Data extracted from a collection:

------

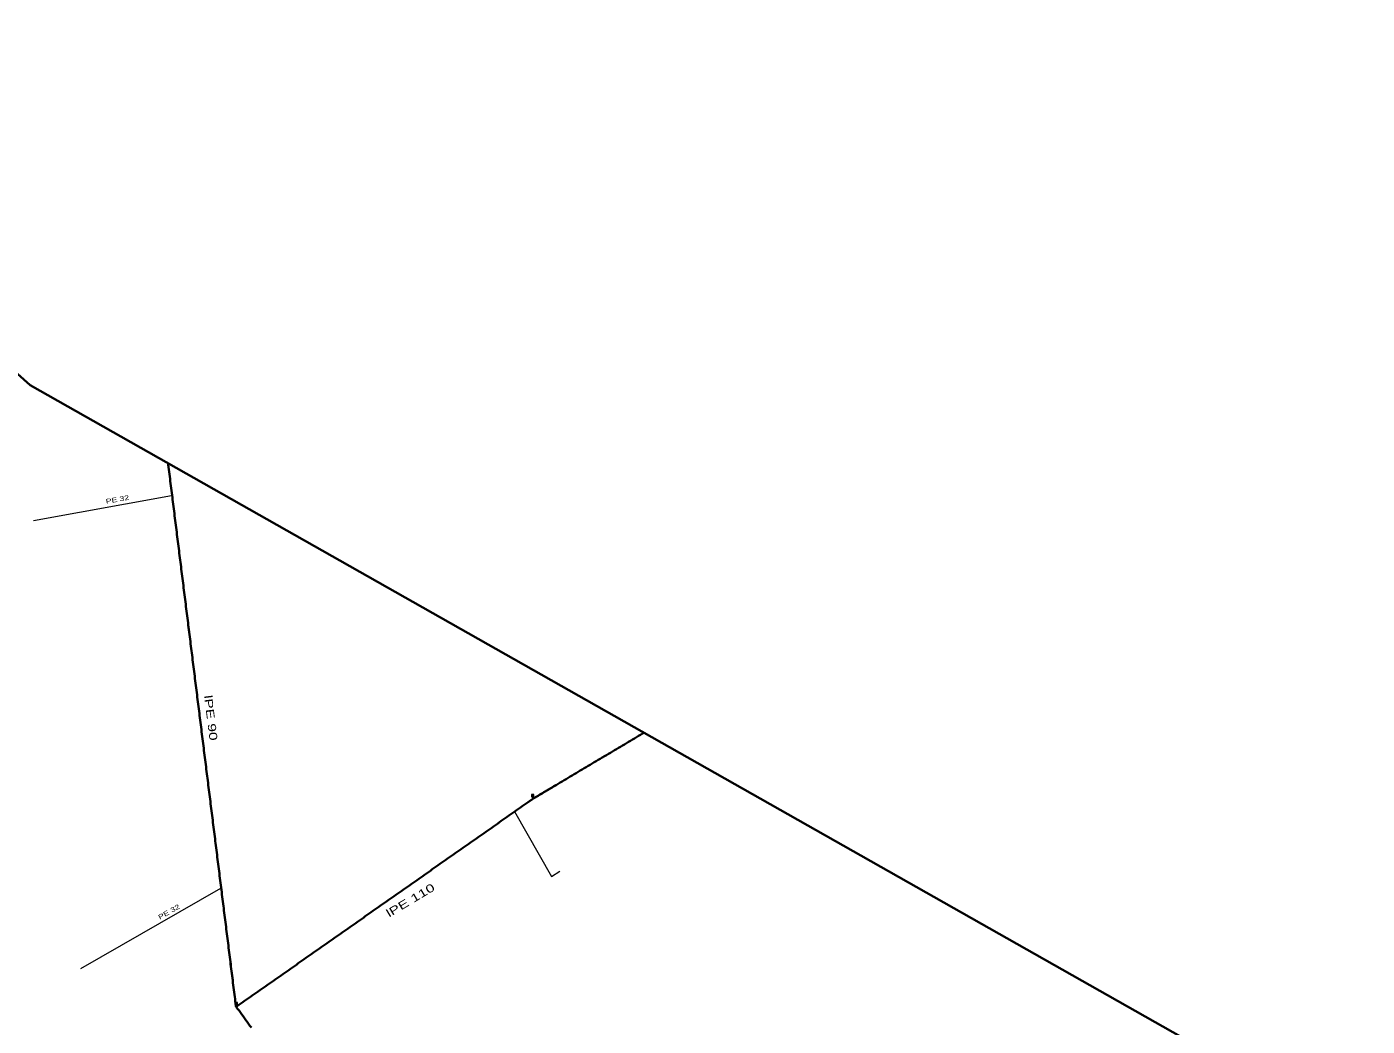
# Model space of a CAD drawing. Extents: x -18.3 to 18.3, y -32.8 to 32.8.
# Drawn here: x 15.245 to 18.281, y 9.754 to 12.016 of the extents above; entities that cross this region are included whole.
import ezdxf

# ---------------------------------------------------------------- set-up
doc = ezdxf.new("R2010")
doc.units = 0
doc.header["$LTSCALE"] = 0.0072
doc.layers.add('16', color=7, linetype='Continuous')
doc.layers.add('18', color=7, linetype='Continuous')
for name, color, linetype, lineweight in [('28', 7, 'Continuous', 13), ('29', 7, 'Continuous', 13), ('5', 7, 'Continuous', 35), ('63', 7, 'Continuous', 35)]:
    doc.layers.add(name, color=color, linetype=linetype, lineweight=lineweight)

msp = doc.modelspace()

# ---------------------------------------------------------------- linework, layer by layer
at = {"layer": '28'}
for points in [[(15.574458, 10.954562), (15.573062, 10.95426), (15.26026, 10.897958)], [(16.349958, 10.23926), (16.433865, 10.092458), (16.452458, 10.104354)], [(15.685656, 10.065156), (15.684156, 10.065062), (15.36726, 9.883656)]]:
    msp.add_lwpolyline(points, dxfattribs=at)
at = {"layer": '29'}
for p, q in [((16.391063, 10.268062), (16.391063, 10.277979)), ((15.71976, 9.797458), (15.71976, 9.807375))]:
    msp.add_line(p, q, dxfattribs=at)
for points in [[(16.388542, 10.277979), (16.388542, 10.273094), (16.393583, 10.273094), (16.393583, 10.277979)], [(16.391531, 10.27751), (16.393115, 10.27751), (16.393115, 10.273573), (16.391531, 10.273573)], [(16.392, 10.277042), (16.392, 10.274042), (16.392635, 10.274042), (16.392635, 10.277042)], [(15.71724, 9.807375), (15.71724, 9.8025), (15.722281, 9.8025), (15.722281, 9.807375)], [(15.720229, 9.806906), (15.721812, 9.806906), (15.721812, 9.802969), (15.720229, 9.802969)], [(15.720698, 9.806437), (15.720698, 9.803437), (15.721333, 9.803437), (15.721333, 9.806437)]]:
    msp.add_lwpolyline(points, close=True, dxfattribs=at)
at = {"layer": '5'}
for q in [(15.718865, 9.799156), (15.721365, 9.798562)]:
    msp.add_line((15.71976, 9.797458), q, dxfattribs=at)
for points in [[(15.565281, 11.027844), (15.565719, 11.024396), (15.566375, 11.019146), (15.567031, 11.013896), (15.567687, 11.008635), (15.568344, 11.003385), (15.569, 10.998125), (15.569667, 10.992875), (15.570323, 10.987615), (15.570979, 10.982365), (15.571635, 10.977104), (15.572292, 10.971854), (15.572948, 10.966594), (15.573615, 10.961344), (15.574271, 10.956083), (15.574927, 10.950833), (15.575583, 10.945573), (15.57624, 10.940323), (15.576896, 10.935062), (15.577552, 10.929812), (15.578208, 10.924563), (15.578865, 10.919302), (15.579521, 10.914052), (15.580187, 10.908792), (15.580844, 10.903542), (15.5815, 10.898281), (15.582156, 10.893031), (15.582812, 10.887771), (15.583469, 10.882521), (15.584125, 10.87726), (15.584781, 10.87201), (15.585437, 10.86675), (15.586094, 10.8615), (15.58675, 10.85624), (15.587406, 10.85099), (15.588062, 10.845729), (15.588719, 10.840479), (15.589385, 10.835219), (15.590042, 10.829969), (15.590698, 10.824708), (15.591354, 10.819458), (15.59201, 10.814198), (15.592667, 10.808948), (15.593323, 10.803687), (15.593979, 10.798438), (15.594635, 10.793188), (15.595292, 10.787927), (15.595948, 10.782677), (15.596604, 10.777417), (15.59726, 10.772167), (15.597927, 10.766906), (15.598583, 10.761656), (15.59924, 10.756396), (15.599896, 10.751146), (15.600552, 10.745885), (15.601208, 10.740635), (15.601865, 10.735375), (15.602521, 10.730125), (15.603177, 10.724865), (15.603833, 10.719615), (15.60449, 10.714354), (15.605146, 10.709104), (15.605802, 10.703844), (15.606458, 10.698594), (15.607125, 10.693333), (15.607781, 10.688083), (15.608437, 10.682823), (15.609094, 10.677573), (15.60975, 10.672313), (15.610406, 10.667063), (15.611062, 10.661812), (15.611719, 10.656552), (15.612375, 10.651302), (15.613031, 10.646042)], [(15.603219, 10.724552), (15.603875, 10.719302), (15.604531, 10.714042), (15.605187, 10.708792), (15.605844, 10.703531), (15.6065, 10.698281), (15.607156, 10.693021), (15.607812, 10.687771), (15.608469, 10.68251), (15.609135, 10.67726), (15.609792, 10.672), (15.610448, 10.66675), (15.611104, 10.66149), (15.61176, 10.65624), (15.612417, 10.650979), (15.613073, 10.645729), (15.613729, 10.640469), (15.614385, 10.635219), (15.615042, 10.629958), (15.615698, 10.624708), (15.616354, 10.619448), (15.61701, 10.614198), (15.617677, 10.608937), (15.618333, 10.603687), (15.61899, 10.598437), (15.619646, 10.593177), (15.620302, 10.587927), (15.620958, 10.582667), (15.621615, 10.577417), (15.622271, 10.572156), (15.622927, 10.566906), (15.623583, 10.561646), (15.62424, 10.556396), (15.624896, 10.551135), (15.625552, 10.545885), (15.626219, 10.540625), (15.626875, 10.535375), (15.627531, 10.530115), (15.628187, 10.524865), (15.628844, 10.519604), (15.6295, 10.514354), (15.630156, 10.509094), (15.630812, 10.503844), (15.631469, 10.498583), (15.632125, 10.493333), (15.632781, 10.488073), (15.633437, 10.482823), (15.634094, 10.477562), (15.63475, 10.472312), (15.635417, 10.467062), (15.636073, 10.461802), (15.636729, 10.456552), (15.637385, 10.451292), (15.638042, 10.446042), (15.638698, 10.440781), (15.639354, 10.435531), (15.64001, 10.430271), (15.640667, 10.425021), (15.641323, 10.41976), (15.641979, 10.41451), (15.642635, 10.40925), (15.643292, 10.404), (15.643958, 10.39874), (15.644615, 10.39349), (15.645271, 10.388229), (15.645927, 10.382979), (15.646583, 10.377719), (15.64724, 10.372469), (15.647896, 10.367208), (15.648552, 10.361958), (15.649208, 10.356698), (15.649865, 10.351448), (15.650521, 10.346187), (15.651177, 10.340937), (15.651833, 10.335687), (15.65249, 10.330427), (15.653156, 10.325177), (15.653812, 10.319917), (15.654469, 10.314667), (15.655125, 10.309406), (15.655781, 10.304156), (15.656437, 10.298896), (15.657094, 10.293646), (15.65775, 10.288385), (15.658406, 10.283135), (15.659062, 10.277875), (15.659719, 10.272625), (15.660375, 10.267365), (15.661031, 10.262115), (15.661698, 10.256854), (15.662354, 10.251604), (15.66301, 10.246344), (15.663667, 10.241094), (15.664323, 10.235833), (15.664979, 10.230583), (15.665635, 10.225323), (15.666292, 10.220073)], [(16.376417, 10.257802), (16.38075, 10.260833), (16.385094, 10.263875), (16.389427, 10.266917), (16.393896, 10.26975), (16.398448, 10.272458), (16.403, 10.275167), (16.407552, 10.277875), (16.412104, 10.280583), (16.416656, 10.283292), (16.421208, 10.286), (16.42576, 10.288708), (16.430302, 10.291417), (16.434854, 10.294125), (16.439406, 10.296833), (16.443958, 10.299542), (16.44851, 10.30225), (16.453062, 10.304958), (16.457615, 10.307667), (16.462167, 10.310375), (16.466719, 10.313083), (16.471271, 10.315792), (16.475812, 10.3185), (16.480365, 10.321208), (16.484917, 10.323917), (16.489469, 10.326625), (16.494021, 10.329333), (16.498573, 10.332042), (16.503125, 10.33475), (16.507677, 10.337458), (16.512229, 10.340167), (16.516781, 10.342875), (16.521323, 10.345583), (16.525875, 10.348292), (16.530427, 10.351), (16.534979, 10.353708), (16.539531, 10.356417), (16.544083, 10.359125), (16.548635, 10.361833), (16.553187, 10.364542), (16.55774, 10.36725), (16.562281, 10.369958), (16.566833, 10.372667), (16.571385, 10.375375), (16.575937, 10.378083), (16.58049, 10.380792), (16.585042, 10.3835), (16.589594, 10.386208), (16.594146, 10.388917), (16.598698, 10.391625), (16.60325, 10.394333), (16.607792, 10.397042), (16.612344, 10.39975), (16.616896, 10.402458), (16.621448, 10.405167), (16.626, 10.407875), (16.630552, 10.410583), (16.635104, 10.413292), (16.639656, 10.416), (16.643052, 10.418021)], [(16.137656, 10.090417), (16.14199, 10.093458), (16.146323, 10.09649), (16.150667, 10.099531), (16.155, 10.102573), (16.159333, 10.105615), (16.163667, 10.108656), (16.16801, 10.111698), (16.172344, 10.11474), (16.176677, 10.117771), (16.181021, 10.120812), (16.185354, 10.123854), (16.189687, 10.126896), (16.194021, 10.129938), (16.198365, 10.132979), (16.202698, 10.13601), (16.207031, 10.139052), (16.211375, 10.142094), (16.215708, 10.145135), (16.220042, 10.148177), (16.224375, 10.151219), (16.228719, 10.15426), (16.233052, 10.157292), (16.237385, 10.160333), (16.241729, 10.163375), (16.246063, 10.166417), (16.250396, 10.169458), (16.25474, 10.1725), (16.259073, 10.175542), (16.263406, 10.178573), (16.26774, 10.181615), (16.272083, 10.184656), (16.276417, 10.187698), (16.28075, 10.19074), (16.285094, 10.193781), (16.289427, 10.196823), (16.29376, 10.199854), (16.298094, 10.202896), (16.302437, 10.205937), (16.306771, 10.208979), (16.311104, 10.212021), (16.315448, 10.215063), (16.319781, 10.218104), (16.324115, 10.221135), (16.328448, 10.224177), (16.332792, 10.227219), (16.337125, 10.23026), (16.341458, 10.233302), (16.345802, 10.236344), (16.350135, 10.239385), (16.354469, 10.242417), (16.358812, 10.245458), (16.363146, 10.2485), (16.367479, 10.251542), (16.371823, 10.254573), (16.376156, 10.257615), (16.38049, 10.260656), (16.384833, 10.263698), (16.389167, 10.266729), (16.393625, 10.269583), (16.398177, 10.272292), (16.402729, 10.275), (16.407281, 10.277708), (16.411833, 10.280417), (16.416385, 10.283125), (16.420927, 10.285833), (16.425479, 10.288542), (16.430031, 10.29125), (16.434583, 10.293958), (16.439135, 10.296667), (16.443687, 10.299375)], [(15.666292, 10.220073), (15.666948, 10.214823), (15.667604, 10.209563), (15.66826, 10.204313), (15.668917, 10.199052), (15.669573, 10.193802), (15.670229, 10.188542), (15.670896, 10.183292), (15.671552, 10.178031), (15.672208, 10.172781), (15.672865, 10.167521), (15.673521, 10.162271), (15.674177, 10.15701), (15.674833, 10.15176), (15.67549, 10.1465), (15.676146, 10.14125), (15.676802, 10.13599), (15.677458, 10.13074), (15.678115, 10.125479), (15.678771, 10.120229), (15.679437, 10.114969), (15.680094, 10.109719), (15.68075, 10.104458), (15.681406, 10.099208), (15.682062, 10.093948), (15.682719, 10.088698), (15.683375, 10.083448), (15.684031, 10.078188), (15.684687, 10.072938), (15.685344, 10.067677), (15.686, 10.062427), (15.686656, 10.057167), (15.687312, 10.051917), (15.687969, 10.046656), (15.688625, 10.041406), (15.689281, 10.036146), (15.689937, 10.030896), (15.690594, 10.025635), (15.69125, 10.020385), (15.691906, 10.015125), (15.692562, 10.009875), (15.693219, 10.004615), (15.693875, 9.999365), (15.694531, 9.994104), (15.695187, 9.988854), (15.695844, 9.983594), (15.6965, 9.978344), (15.697156, 9.973083), (15.697812, 9.967833), (15.698469, 9.962573), (15.699125, 9.957323), (15.699771, 9.952063), (15.700427, 9.946813), (15.701083, 9.941552), (15.70174, 9.936302), (15.702396, 9.931042), (15.703052, 9.925792), (15.703708, 9.920531), (15.704365, 9.915281), (15.705021, 9.910021), (15.705677, 9.904771), (15.706333, 9.89951), (15.70699, 9.89426), (15.707646, 9.889), (15.708302, 9.88375), (15.708958, 9.87849), (15.709615, 9.87324), (15.710271, 9.867979), (15.710927, 9.862729), (15.711583, 9.857469), (15.71224, 9.852219)], [(15.721365, 9.798562), (15.725698, 9.801594), (15.730031, 9.804635), (15.734365, 9.807677), (15.738708, 9.810719), (15.743042, 9.81376), (15.747375, 9.816802), (15.751719, 9.819844), (15.756052, 9.822875), (15.760385, 9.825917), (15.764729, 9.828958), (15.769062, 9.832), (15.773396, 9.835042), (15.777729, 9.838083), (15.782073, 9.841125), (15.786406, 9.844156), (15.79074, 9.847198), (15.795083, 9.85024), (15.799417, 9.853281), (15.80375, 9.856323), (15.808083, 9.859365), (15.812427, 9.862406), (15.81676, 9.865438), (15.821094, 9.868479), (15.825437, 9.871521), (15.829771, 9.874562), (15.834104, 9.877604), (15.838437, 9.880646), (15.842781, 9.883687), (15.847115, 9.886719), (15.851448, 9.88976), (15.855792, 9.892802), (15.860125, 9.895844), (15.864458, 9.898885), (15.868802, 9.901927), (15.873135, 9.904969), (15.877469, 9.908), (15.881802, 9.911042), (15.886146, 9.914083), (15.890479, 9.917125), (15.894812, 9.920167), (15.899156, 9.923208), (15.90349, 9.92625), (15.907823, 9.929281), (15.912156, 9.932323), (15.9165, 9.935365), (15.920833, 9.938406), (15.925167, 9.941448), (15.92951, 9.94449), (15.933844, 9.947521), (15.938177, 9.950563), (15.94251, 9.953604), (15.946854, 9.956646), (15.951187, 9.959687), (15.955521, 9.962729), (15.959865, 9.965771), (15.964198, 9.968802), (15.968531, 9.971844), (15.972875, 9.974885), (15.977208, 9.977927), (15.981542, 9.980969), (15.985875, 9.98401), (15.990219, 9.987052), (15.994552, 9.990083), (15.998885, 9.993125), (16.003229, 9.996167), (16.007562, 9.999208), (16.011896, 10.00225), (16.016229, 10.005292), (16.020573, 10.008333), (16.024906, 10.011365), (16.02924, 10.014406), (16.033583, 10.017448), (16.037917, 10.02049), (16.04225, 10.023531), (16.046583, 10.026573), (16.050927, 10.029615), (16.05526, 10.032646), (16.059594, 10.035687), (16.063937, 10.038729), (16.068271, 10.041771), (16.072604, 10.044812), (16.076948, 10.047854), (16.081281, 10.050896), (16.085615, 10.053927), (16.089948, 10.056969), (16.094292, 10.06001), (16.098625, 10.063052), (16.102958, 10.066094), (16.107302, 10.069135), (16.111635, 10.072177), (16.115969, 10.075208), (16.120302, 10.07825), (16.124646, 10.081292), (16.128979, 10.084333), (16.133312, 10.087375), (16.137656, 10.090417)], [(15.702438, 9.930729), (15.703094, 9.925479), (15.70375, 9.920219), (15.704406, 9.914969), (15.705062, 9.909708), (15.705719, 9.904458), (15.706375, 9.899198), (15.707031, 9.893948), (15.707687, 9.888687), (15.708344, 9.883437), (15.709, 9.878177), (15.709656, 9.872927), (15.710312, 9.867667), (15.710969, 9.862417), (15.711625, 9.857156), (15.712281, 9.851906), (15.712937, 9.846646), (15.713594, 9.841396), (15.71425, 9.836135), (15.714906, 9.830885), (15.715552, 9.825625), (15.716208, 9.820375), (15.716865, 9.815115), (15.717521, 9.809865), (15.718177, 9.804604), (15.718833, 9.799354), (15.718865, 9.799156)], [(15.71976, 9.797458), (15.722865, 9.793167), (15.725958, 9.788875), (15.729062, 9.784583), (15.732167, 9.780292), (15.735271, 9.77599), (15.738365, 9.771698), (15.741469, 9.767406), (15.744573, 9.763115), (15.747667, 9.758823), (15.750771, 9.754531), (15.753875, 9.75024)]]:
    msp.add_lwpolyline(points, dxfattribs=at)
at = {"layer": '63'}
msp.add_lwpolyline([(6.821417, -12.034073), (10.570802, 1.718333), (16.15951, 8.231344), (14.281458, 9.78576), (7.75526, 16.244156), (2.207979, 21.642292), (-4.211323, 25.162208), (-9.541, 28.856333), (-11.476635, 29.828458), (-11.428635, 28.932656), (-12.590438, 28.732062), (-18.280635, 29.748156), (-18.02001, 32.23425), (-12.039885, 32.814354), (-8.624021, 29.362521), (-2.888135, 26.135219), (2.67676, 22.377854), (8.287094, 17.445521), (15.252958, 11.204562), (18.280635, 9.491437), (12.985292, 0.960906), (8.539271, -13.360323)], dxfattribs=at)

# ---------------------------------------------------------------- texts
at = {"layer": '16', "width": 1.45}
for s, rotation, p in [('lPE 90', 277.127, (15.646708, 10.501833)), ('lPE 110', 30.932, (16.065938, 9.999323))]:
    msp.add_text(s, height=0.01812, rotation=rotation, dxfattribs=at).set_placement(p)
at = {"layer": '18', "width": 1.35}
for height, rotation, p in [(0.01087, 10.203, (15.425281, 10.936031)), (0.01088, 29.788, (15.546792, 9.99449))]:
    msp.add_text('PE 32', height=height, rotation=rotation, dxfattribs=at).set_placement(p)

doc.saveas('drawing.dxf')

------

* Task prompt
If a picture appears among the records, leave it out, and otherwise reproduce exactly every line from the first line through the one with "msp.add_line(p, q, dxfattribs=at)", both included.

* Completed exercise
# Model space of a CAD drawing. Extents: x -18.3 to 18.3, y -32.8 to 32.8.
# Drawn here: x 15.245 to 18.281, y 9.754 to 12.016 of the extents above; entities that cross this region are included whole.
import ezdxf

# ---------------------------------------------------------------- set-up
doc = ezdxf.new("R2010")
doc.units = 0
doc.header["$LTSCALE"] = 0.0072
doc.layers.add('16', color=7, linetype='Continuous')
doc.layers.add('18', color=7, linetype='Continuous')
for name, color, linetype, lineweight in [('28', 7, 'Continuous', 13), ('29', 7, 'Continuous', 13), ('5', 7, 'Continuous', 35), ('63', 7, 'Continuous', 35)]:
    doc.layers.add(name, color=color, linetype=linetype, lineweight=lineweight)

msp = doc.modelspace()

# ---------------------------------------------------------------- linework, layer by layer
at = {"layer": '28'}
for points in [[(15.574458, 10.954562), (15.573062, 10.95426), (15.26026, 10.897958)], [(16.349958, 10.23926), (16.433865, 10.092458), (16.452458, 10.104354)], [(15.685656, 10.065156), (15.684156, 10.065062), (15.36726, 9.883656)]]:
    msp.add_lwpolyline(points, dxfattribs=at)
at = {"layer": '29'}
for p, q in [((16.391063, 10.268062), (16.391063, 10.277979)), ((15.71976, 9.797458), (15.71976, 9.807375))]:
    msp.add_line(p, q, dxfattribs=at)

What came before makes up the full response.